On October 22, 2008, the FTC announced that it will suspend enforcement of the obligation to implement the identity theft prevention program portion of the Red Flag Rule until May 1, 2009. All other aspects of the Red Flag Rule remain effective and enforceable as of November 1, 2008.[2]

There is uncertainty and confusion whether the Red Flag Rule applies to health insurers. It appears unlikely that the Red Flag Rule applies to a health insurer’s core businesses of insuring and administering health benefits. A health insurer does not hold consumer “transaction accounts” or extend “credit”—the activities that would make a health insurer a “financial institution” or a “creditor” as defined by the Red Flag Rule—when insuring or administering health benefits in the individual or group markets.

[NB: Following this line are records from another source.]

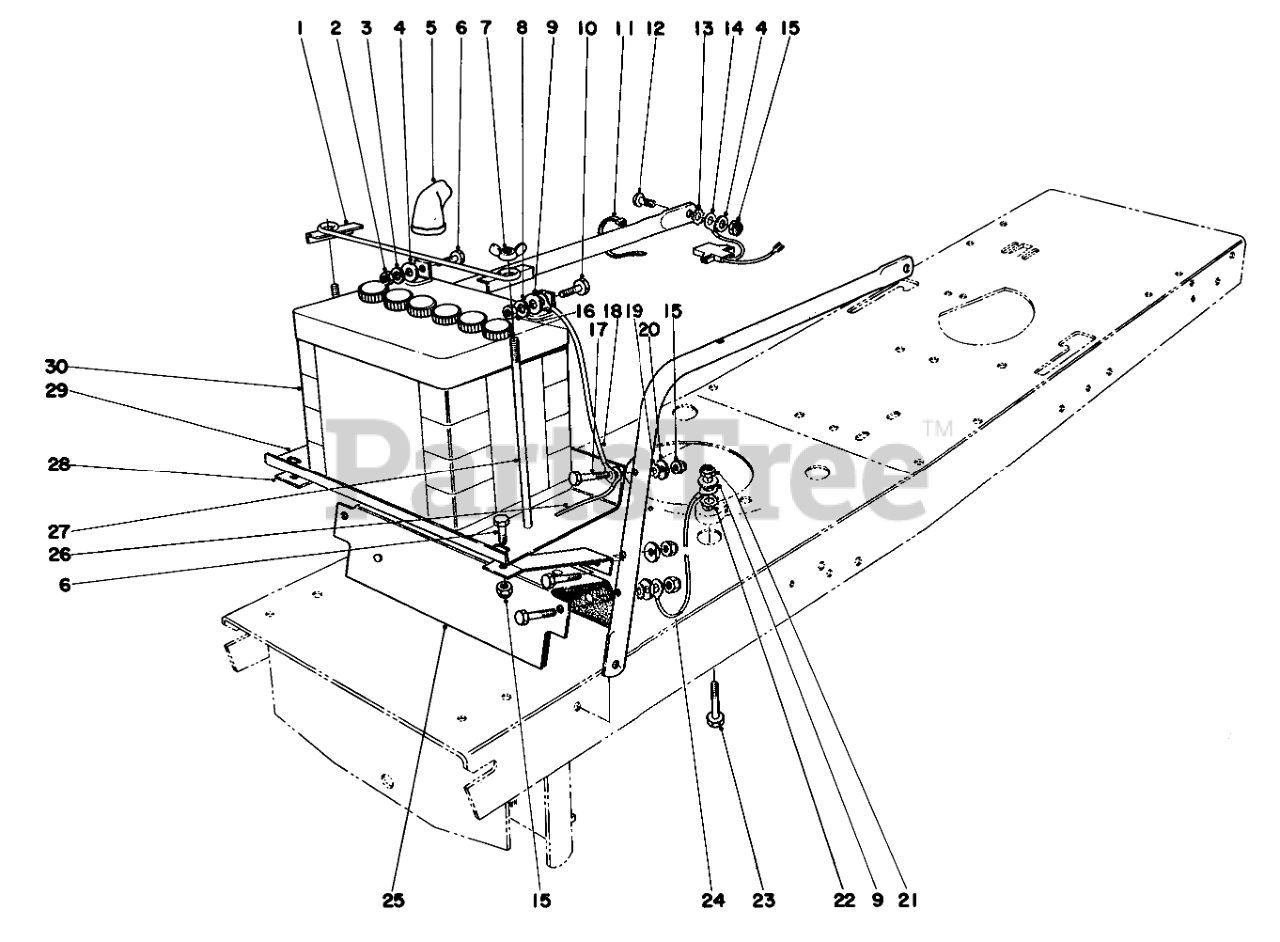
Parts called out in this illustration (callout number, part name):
1	Battery Clamp
2	NUT-HEX
3	WASHER-LOCK
4	WASHER-FLAT
5	BATTERY BOOT
6	SCREW-HH
7	WING NUT
8	WASHER-LOCK
9	WASHER-PLAIN
10	SCREW-HH
11	Cable Tie
12	BOLT-CARR
13	WASHER-LOCK/EXT
14	Wire Receptacle Assembly
16	NUT-HEX
17	SCREW-HH
18	Wire Assembly Battery to Ground
19	WASHER-LOCK/EXT
20	WASHER
21	NUT-LOCK, CONE
22	WASHER-LOCK
23	SCREW-HH
24	Wire Assembly Engine to Ground
25	Heat Shield
26	Wire Assembly Headlight to Ground
27	BATTERY BOLT
28	Brace Battery Shelf
29	Battery Shelf
30	Battery
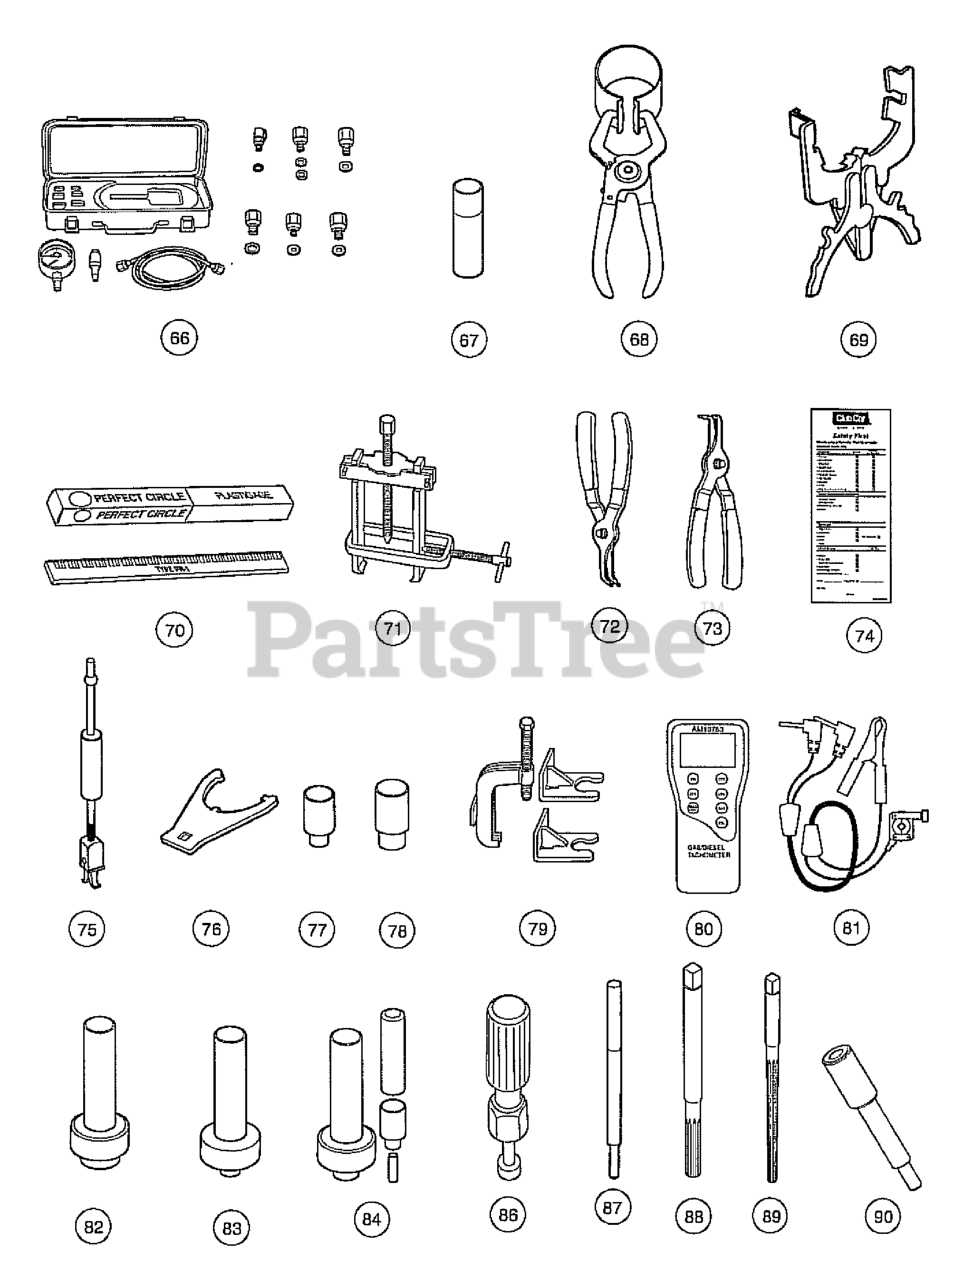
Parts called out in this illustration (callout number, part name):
66	Oil Pressure Tester
67	TOUCH UP PAINT BEIGE
67	TOUCH UP PAINT BLACK
67	TOUCH UP PAINT BURGANDY
67	TOUCH UP PAINT CLASSIC BLUE
67	TOUCH UP PAINT DARK GRAY
67	TOUCH UP PAINT DARK GREEN
67	TOUCH UP PAINT GRAY
67	TOUCH UP PAINT RED
67	TOUCH UP PAINT ROYAL BLUE
67	TOUCH UP PAINT WHITE
68	KIT, PISTON RING COMPRESSOR
69	PISTON RING PLIER
70	Plastigage
71	SPECIAL-USE PULLER SET
72	EXTERNAL SNAP RING PLIERS
73	INTERNAL SNAP RING PLIER 9O
74	SAFETY FIRST CARD
75	SEAL PULLER
76	WRENCH, SPANNER
77	Steering Column Bearing Press Tool
78	TOOL-STEERING RETAINING RING
79	PULLER, STEERING WHEEL
80	TACHOMETER GAS/DIESEL
81	Tachometer Diesel Probe
82	TRANS-AXLE, AXLE SEAL TOOL
83	Transaxle Pinion Seal Tool
84	Transmission Tool Kit
86	VALVE CLEAR ADJ SCREW HOLDER
87	DRIVER, VALVE GUIDE, 6.6. MM
88	VALVE GUIDE REAMER
89	REAMER-VALVE GUIDE
90	Valve Guide Replacement Tool

Health insurers may, however, engage in business activities that use “consumer reports,” hold consumer “transaction accounts,” or extend “credit”—the activities to which the Red Flag Rule applies. We issue this Bulletin to set out an analytical framework for health insurers to assess whether they are conducting such activities and, therefore, may be subject to the Red Flag Rule.

Using this analytical framework, each health insurer should examine its activities—now and periodically hereafter—to determine—and document—whether any is covered by the Red Flag Rule. That way, a health insurer will be prepared to demonstrate either why it is not obligated to comply with the Red Flag Rule or how it has complied with the Red Flag Rule.

Application of the Red Flag Rule to Health Insurers

Only the FTC’s Red Flag Rule, published in 16 C.F.R. Part 681, can apply to health insurers, as the five federal banking regulators issuing a Red Flag Rule have no jurisdiction over state-licensed insurers. The FTC has jurisdiction over health insurers to the extent they are subject to the Federal Trade Commission Act and enforces the Red Flag Rule with respect to individuals and entities subject to the Federal Trade Commission Act.

The FTC has not addressed the circumstances in which the Red Flag Rule may apply to health insurers or their activities. Consequently, health insurers must parse through the definitions and requirements of the Red Flag Rule to assess whether they engage in activities that may subject them to the Red Flag Rule.

The Red Flag Rule’s Consumer Report Address

Discrepancy Requirements (16 C.F.R. § 681.1)

(FTC enforcement effective November 1, 2008) The Red Flag Rule imposes requirements on “users of consumer reports” to respond to address discrepancy “red flags” in consumer reports as one means to prevent identity theft.[3] A health insurer can be a user of consumer reports, for example, by requesting them in conjunction with underwriting individual policies.

The Red Flag Rule requires a user of consumer reports to implement “reasonable” policies and procedures to enable the user “to form a reasonable belief” whether a consumer report pertains to the consumer for whom the consumer report was requested. The user must follow these policies and procedures whenever it receives notice from a consumer reporting agency[4]of a discrepancy between the consumer’s address on file with the consumer reporting agency and the consumer’s address furnished by the user in requesting the consumer report.

The user must further have “reasonable” policies and procedures for furnishing the consumer reporting agency, which provided the notice of address discrepancy, with the consumer’s address that the user has “reasonably confirmed” is accurate, if the user (a) has a continuing relationship with the consumer, (b) regularly and in the ordinary course of business furnishes information to the consumer reporting agency that provided the notice of address discrepancy, and (c) has a “reasonable belief” that the consumer report relates to the consumer about whom the consumer report was requested. These policies and procedures must provide that the user will furnish the consumer’s address “reasonably confirmed” to be accurate to the consumer reporting agency “as part of the information [the user] regularly furnishes for the reporting period in which [the user] establishes a relationship with the consumer.”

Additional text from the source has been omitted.